Contributor: Paul B. Ringel
Associate Professor of History
High Point University
The Youth’s Companion was the most commercially successful children’s magazine (and one of the highest-circulating magazines of any genre) in the nineteenth-century United States. It was founded in Boston in 1827 by Nathaniel Willis, an orthodox Protestant printer, in the midst of an evangelical revival intended to restore traditional Calvinist doctrines—including the idea of infant depravity—to a city whose leading institutions were increasingly controlled by liberal Protestants. Willis’ magazine mingled frightening Calvinist messages about the imminence of death with sentimental reminders of maternal love in order to persuade young readers to take their spiritual obligations seriously. Under his direction, the Companion remained a relatively small, regional publication with a peak circulation of about 4,000.
After Willis retired in 1857, new editor Daniel Sharp Ford gradually transformed the Companion into a national publication with a circulation of 500,000 during the 1880s and 1890s. This image, “Fejee Islanders,” was the cover illustration for Ford’s first Companion issue, and it hints at the new editor’s broader strategy for attracting new readers. Ford strived to make the Companion more commercially appealing to young (and especially boy) customers without sacrificing its orthodox message. To do so, he borrowed editorial techniques from sensational adult publications, introducing dramatically illustrated cautionary tales set in exotic locations filled with hazards created by non-Protestant cultures. These stories conveyed explicit evangelical messages, but surrounded them with thrilling violent episodes intended to please boys more interested in reading James Fenimore Cooper or Sir Walter Scott (or, less reputably, the Police Gazette) than a Sunday-school paper.
Ford supplemented these stories with other features that focused on marketing the Companion more directly to children. Primary among them was his premiums program, which provided presents such as roller skates and slingshots in return for selling Companion subscriptions. These strategies initially failed, but after the Civil War loosened genteel standards for attracting child consumers the Companion rapidly ascended to commercial preeminence within the children’s magazine industry. The premiums returned in expanded form in 1866, eventually including such lavish prizes as grand pianos and $1000 cash. Sensationalism returned as well, and although the Companion never achieved the critical acclaim of its postwar contemporary St. Nicholas (whose devotee E.B. White later erroneously derided Companion readers as “people whose childhood was spent on the other side of the railroad tracks”) it regularly sold five to six times as many copies as its more prestigious rival.

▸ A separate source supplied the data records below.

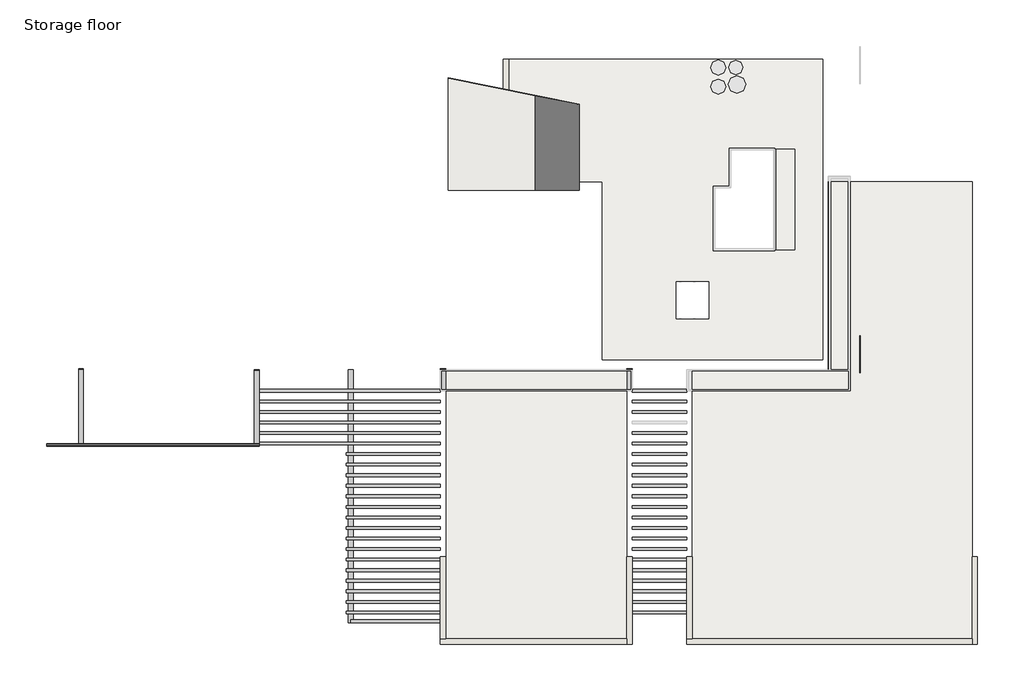
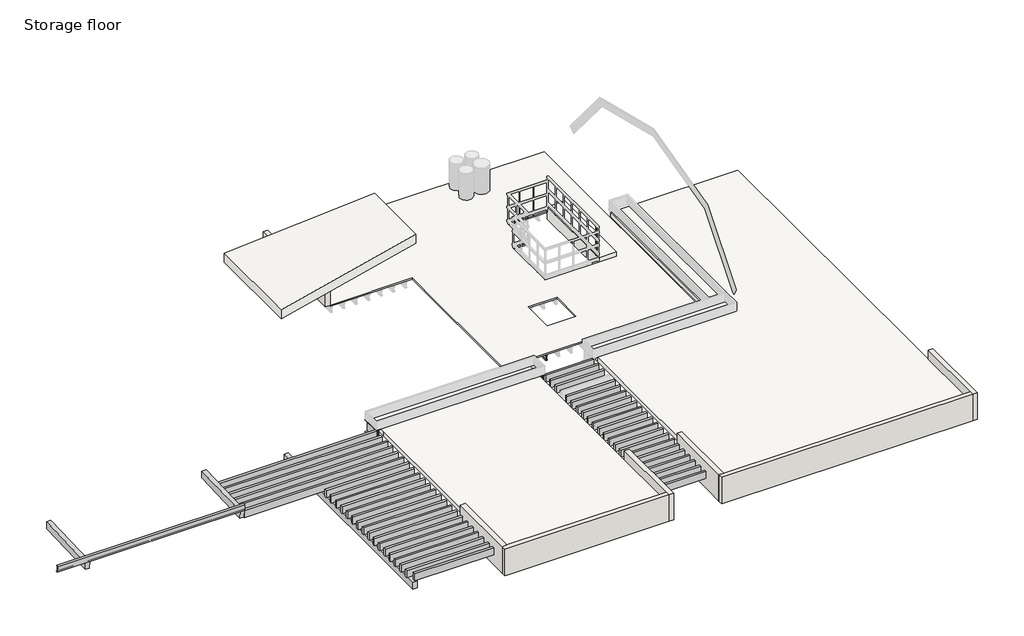
# One storey, part 1 of 2: 54 beams, 7 walls, 4 slabs, 1 roof.
"""IFC4 building model written with IfcOpenShell, lengths in millimetres."""

import ifcopenshell
import ifcopenshell.guid

model = None  # the IFC model being written
_history = None  # IfcOwnerHistory: only IFC2X3 demands one
_inside = {}  # id of a spatial element -> (the spatial element, [elements in it])
_under = {}  # id of a project, library or spatial element -> (it, [spatial elements below it])
_declared = {}  # id of a project -> (the project, [libraries it declares])
_typed = {}  # id of a type object -> (the type object, [elements of that type])
_made_of = {}  # id of a material, layer set ... -> (it, [elements and type objects made of it])


def new_model(schema):
    """Start an empty IFC model of exactly this schema.

    Asked for "IFC4X3", IfcOpenShell would pick the latest addendum, in which some entities
    have other attributes; the version numbers below select the first issue.
    IFC2X3 requires an IfcOwnerHistory on every rooted entity: one is made here for all.
    """
    global model, _history
    if schema == "IFC4X3":
        model = ifcopenshell.file(schema_version=(4, 3, 0, 0))
    else:
        model = ifcopenshell.file(schema=schema)
    _inside.clear()
    _under.clear()
    _declared.clear()
    _typed.clear()
    _made_of.clear()
    _history = None
    if model.schema == "IFC2X3":
        org = make("IfcOrganization", Name="unknown")
        user = make(
            "IfcPersonAndOrganization",
            ThePerson=make("IfcPerson", FamilyName="unknown"),
            TheOrganization=org,
        )
        app = make(
            "IfcApplication",
            ApplicationDeveloper=org,
            Version="unknown",
            ApplicationFullName="unknown",
            ApplicationIdentifier="unknown",
        )
        _history = make(
            "IfcOwnerHistory",
            OwningUser=user,
            OwningApplication=app,
            ChangeAction="ADDED",
            CreationDate=0,
        )
    return model


def make(cls, **values):
    """One entity of the class cls with the attributes given. An attribute that is None is left unset."""
    return model.create_entity(
        cls, **{name: value for name, value in values.items() if value is not None}
    )


def rooted(cls, **values):
    """An entity with a GlobalId (a new one), such as an element, a storey or a relation."""
    return make(cls, GlobalId=ifcopenshell.guid.new(), OwnerHistory=_history, **values)


def si_unit(unit_type, name, prefix=None):
    """IfcSIUnit, for example si_unit("LENGTHUNIT", "METRE", prefix="MILLI")."""
    return make("IfcSIUnit", UnitType=unit_type, Prefix=prefix, Name=name)


def assignment(units):
    """IfcUnitAssignment: the units of a project."""
    return None if units is None else make("IfcUnitAssignment", Units=units)


def point(xyz):
    """IfcCartesianPoint."""
    return None if xyz is None else make("IfcCartesianPoint", Coordinates=xyz)


def direction(xyz):
    """IfcDirection."""
    return None if xyz is None else make("IfcDirection", DirectionRatios=xyz)


def frame(location, z_axis=None, x_axis=None):
    """IfcAxis2Placement3D, a coordinate frame: its origin and axes. An axis left out is left unset."""
    return make(
        "IfcAxis2Placement3D",
        Location=point(location),
        Axis=direction(z_axis),
        RefDirection=direction(x_axis),
    )


def frame_2d(location, x_axis=None):
    """IfcAxis2Placement2D, a coordinate frame in the plane: its origin and x axis."""
    return make(
        "IfcAxis2Placement2D", Location=point(location), RefDirection=direction(x_axis)
    )


def origin():
    """The frame at (0, 0, 0) with its axes left unset."""
    return frame((0.0, 0.0, 0.0))


def place(relative_to, where):
    """IfcLocalPlacement: puts the frame where relative to a parent placement (None: the world)."""
    return make(
        "IfcLocalPlacement", PlacementRelTo=relative_to, RelativePlacement=where
    )


def context(
    kind, dimensions, precision=None, world=None, true_north=None, identifier=None
):
    """IfcGeometricRepresentationContext, for example the 3D "Model" context."""
    return make(
        "IfcGeometricRepresentationContext",
        ContextIdentifier=identifier,
        ContextType=kind,
        CoordinateSpaceDimension=dimensions,
        Precision=precision,
        WorldCoordinateSystem=world,
        TrueNorth=true_north,
    )


def project(units=None, contexts=None):
    """IfcProject with its units and contexts."""
    return rooted(
        "IfcProject",
        Name="project",
        RepresentationContexts=contexts,
        UnitsInContext=assignment(units),
    )


def spatial(cls, under=None, at=None, **own):
    """A site, building, storey or space (cls), placed at a placement, below another one or the project."""
    s = rooted(cls, ObjectPlacement=at, **own)
    if under is not None:
        _under.setdefault(under.id(), (under, []))[1].append(s)
    return s


def polyline(points):
    """IfcPolyline through the points."""
    return make("IfcPolyline", Points=[point(p) for p in points])


def circle_curve(where, radius):
    """IfcCircle in the frame where."""
    return make("IfcCircle", Position=where, Radius=radius)


def trimmed(basis, trim1, trim2, sense, master):
    """IfcTrimmedCurve: the piece of a basis curve between two trims."""
    return make(
        "IfcTrimmedCurve",
        BasisCurve=basis,
        Trim1=trim1,
        Trim2=trim2,
        SenseAgreement=sense,
        MasterRepresentation=master,
    )


def segment(curve, same_sense, transition):
    """IfcCompositeCurveSegment."""
    return make(
        "IfcCompositeCurveSegment",
        Transition=transition,
        SameSense=same_sense,
        ParentCurve=curve,
    )


def composite_curve(segments, self_intersect=None):
    """IfcCompositeCurve: segments joined end to end."""
    return make("IfcCompositeCurve", Segments=segments, SelfIntersect=self_intersect)


def outline(outer, holes=None, kind="AREA"):
    """IfcArbitraryClosedProfileDef: a profile drawn as a closed curve; with holes, ...WithVoids."""
    if holes is None:
        return make("IfcArbitraryClosedProfileDef", ProfileType=kind, OuterCurve=outer)
    return make(
        "IfcArbitraryProfileDefWithVoids",
        ProfileType=kind,
        OuterCurve=outer,
        InnerCurves=holes,
    )


def extrude(swept, where, along, depth):
    """IfcExtrudedAreaSolid: the profile swept, set in the frame where, extruded along a direction by depth."""
    return make(
        "IfcExtrudedAreaSolid",
        SweptArea=swept,
        Position=where,
        ExtrudedDirection=direction(along),
        Depth=depth,
    )


def faces_of(points, faces, orient=None, outer=None):
    """IfcFace entities. A face is a list of loops; a loop is a list of indices into points, from 0.

    orient and outer hold one flag for each loop. By default every Orientation is true, the
    first loop of a face is its IfcFaceOuterBound and the others are IfcFaceBound.
    """
    made = []
    for i, loops in enumerate(faces):
        bounds = []
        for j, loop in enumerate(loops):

The Companion’s circulation began to decline around the time of Ford’s death in 1899, although this shift was probably more a product of its increasingly anachronistic views of childhood. A succession of Ford’s former lieutenants kept the magazine going, but it struggled to compete with the less moralistic entertainments available to early twentieth-century American children. It ceased publication in 1929, when it merged with American Boy magazine. For half a century, though, the Companion established that an American children’s magazine could combine entertainment with Protestant morality, and in doing so it helped to legitimize the idea of the child consumer.